Jules stood up now, the flamingo mug tight in her hands.

“She didn't want it ever to happen again,” she said slowly, her voice cracking, to the fox. “If it ever did, she was going to be ready.”

Her sister's one burning wish had been to keep Jules and Dad safe. She had felt responsible for their mother's death. Ever since that horrible day, the day the mustard jar burst open at the foot of the steps, Sylvie had been convinced that if she had run faster, their mom might still be alive. But it had been Sylvie who died. She had run too fast.

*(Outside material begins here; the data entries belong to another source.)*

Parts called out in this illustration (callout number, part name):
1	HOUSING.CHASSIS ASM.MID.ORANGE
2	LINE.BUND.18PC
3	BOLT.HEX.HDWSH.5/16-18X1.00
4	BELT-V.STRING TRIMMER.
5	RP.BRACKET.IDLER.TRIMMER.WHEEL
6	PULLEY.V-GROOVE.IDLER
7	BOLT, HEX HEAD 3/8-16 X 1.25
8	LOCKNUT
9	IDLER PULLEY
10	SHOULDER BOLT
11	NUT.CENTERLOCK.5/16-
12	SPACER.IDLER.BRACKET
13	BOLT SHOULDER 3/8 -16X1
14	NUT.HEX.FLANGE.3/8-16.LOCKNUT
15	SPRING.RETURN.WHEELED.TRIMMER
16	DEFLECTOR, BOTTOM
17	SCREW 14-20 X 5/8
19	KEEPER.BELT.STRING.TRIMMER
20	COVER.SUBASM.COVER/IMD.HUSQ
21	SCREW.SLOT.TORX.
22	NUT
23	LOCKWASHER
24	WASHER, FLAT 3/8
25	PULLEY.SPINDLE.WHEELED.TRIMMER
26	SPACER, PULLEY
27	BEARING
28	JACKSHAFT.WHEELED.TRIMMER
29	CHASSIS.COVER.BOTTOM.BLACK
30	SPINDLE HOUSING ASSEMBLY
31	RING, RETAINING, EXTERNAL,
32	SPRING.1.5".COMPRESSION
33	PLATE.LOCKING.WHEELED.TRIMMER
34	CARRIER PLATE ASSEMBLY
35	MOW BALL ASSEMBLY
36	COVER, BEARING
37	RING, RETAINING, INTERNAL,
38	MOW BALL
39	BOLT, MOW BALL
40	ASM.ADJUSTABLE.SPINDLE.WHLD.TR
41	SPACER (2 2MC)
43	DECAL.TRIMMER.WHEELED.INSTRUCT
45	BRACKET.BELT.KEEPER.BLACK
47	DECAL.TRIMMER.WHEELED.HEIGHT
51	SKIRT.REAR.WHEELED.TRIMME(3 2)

Jules reached into her pocket and pulled out the serpentine rock. She had brought it with her to honor Sylvie. Now it burned in the palm of her hand, and Jules knew that if she threw it into the Slip, it would shine up from the bottom like a shooting star. And Jules also knew this: she needed to break the rules just one last time. One very last time. She would take this rock to the Slip and throw it in the water. For Sylvie.

And for me, too,
Jules thought.

Because as of this minute, she had a brand-new burning wish. She picked up the waterproof marker and wrote it down on the verde green serpentine:

That Sylvie knows how much I love her.

How that could ever be, Jules didn't know. But if there were any way for a message to reach her sister, wherever she was,
if
she was, then a wish rock wished on here in the Grotto and thrown into the Slip seemed like the way to do it. She put the flamingo mug and the pen back up on the shelf. They had been safe here in the Grotto, and they would still be safe.

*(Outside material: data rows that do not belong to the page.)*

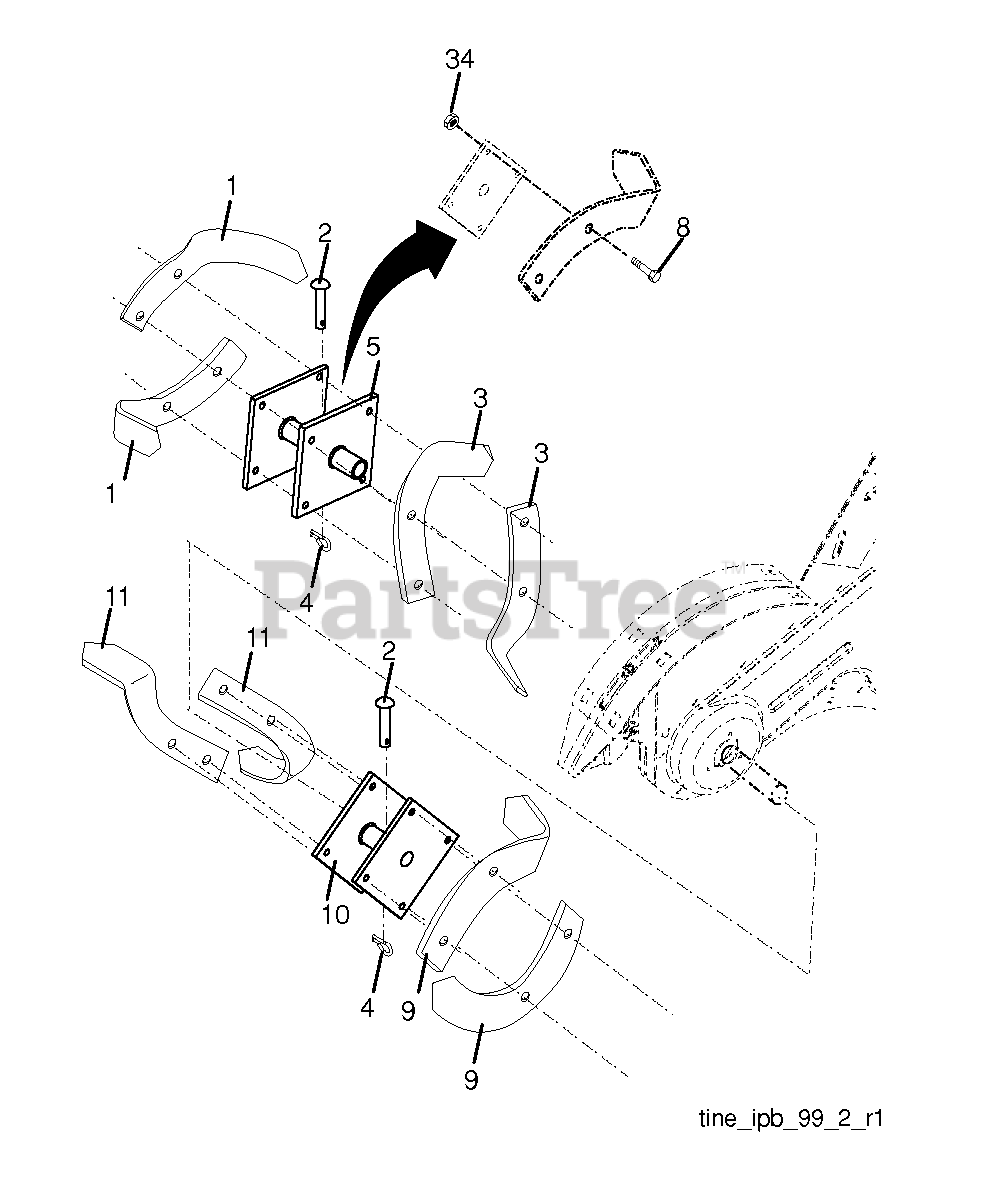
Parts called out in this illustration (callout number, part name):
2	CLEVIS PIN
3	TINE.LH.12"
5	HUB.&.PLATE.LH.TILLER.BLACK
8	BOLT.HEX.001X20.37-24X1.ZINC
11	TINE.RH.12"(72R)
34	NUT CROWNLOCK 3/8-24

Maybe this was what her sister had left behind for her, a place where she could come to remember their mother. A place to think about her sister. Jules slid the new wish rock into her pocket and stepped out of the cave. At her heels, one small red fox.

36

S
enna knew that something was about to happen, even though she didn't know what it was. Jules was walking toward the river, toward the Disappearance.

Never,
her mother had told her.
Never go to the Disappearance.

But she could tell that Jules was heading in that direction. And Senna had to follow her, to stop her. She had led Jules to the cave because she thought the Someone, the woman with the red-brown hair, might greet them together. But the woman hadn't come.

Now Jules picked up her pace. Senna hurried to keep up.

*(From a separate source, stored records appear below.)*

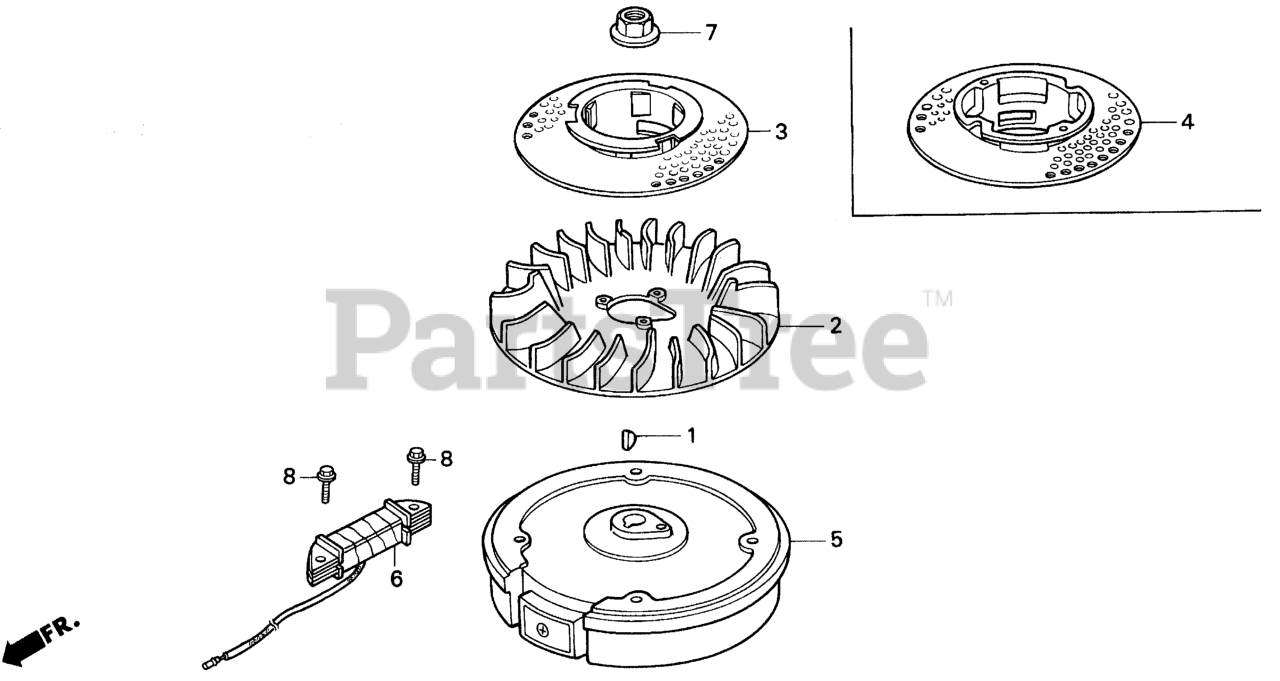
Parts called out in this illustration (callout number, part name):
1	KEY, SPECIAL WOODRUFF (25X18)
2	FAN, COOLING (USA)
3	PULLEY, STARTER
4	PULLEY, STARTER
5	FLYWHEEL (STARTER MOTOR)
5	FLYWHEEL
6	COIL ASSY., CHARGE
7	NUT, SPECIAL (14MM)
8	BOLT, FLANGE (6X28)

Danger. Run faster, little Senna.

Yes. The woman had told her those words. Now they filled her ears. Now they streamed along her back. Now they pushed her.

Faster. Run faster.

And then, from a distance,
Kapow!
The sound of a rifle split the darkening air.

37

I
f Jules's ears had been as keen as Senna's, she might have heard the sound of the gun, but they weren't. All she heard as she moved along the path were her own beating footfalls and the growing sound of the river. The wish rock was deep inside Jules's pocket, and her mother's headband was looped around her wrist. She had no idea how long she had been in the Grotto. What she did know was that by now, she was sure, her father was home and looking for her. He would know right away that she had crossed the invisible line.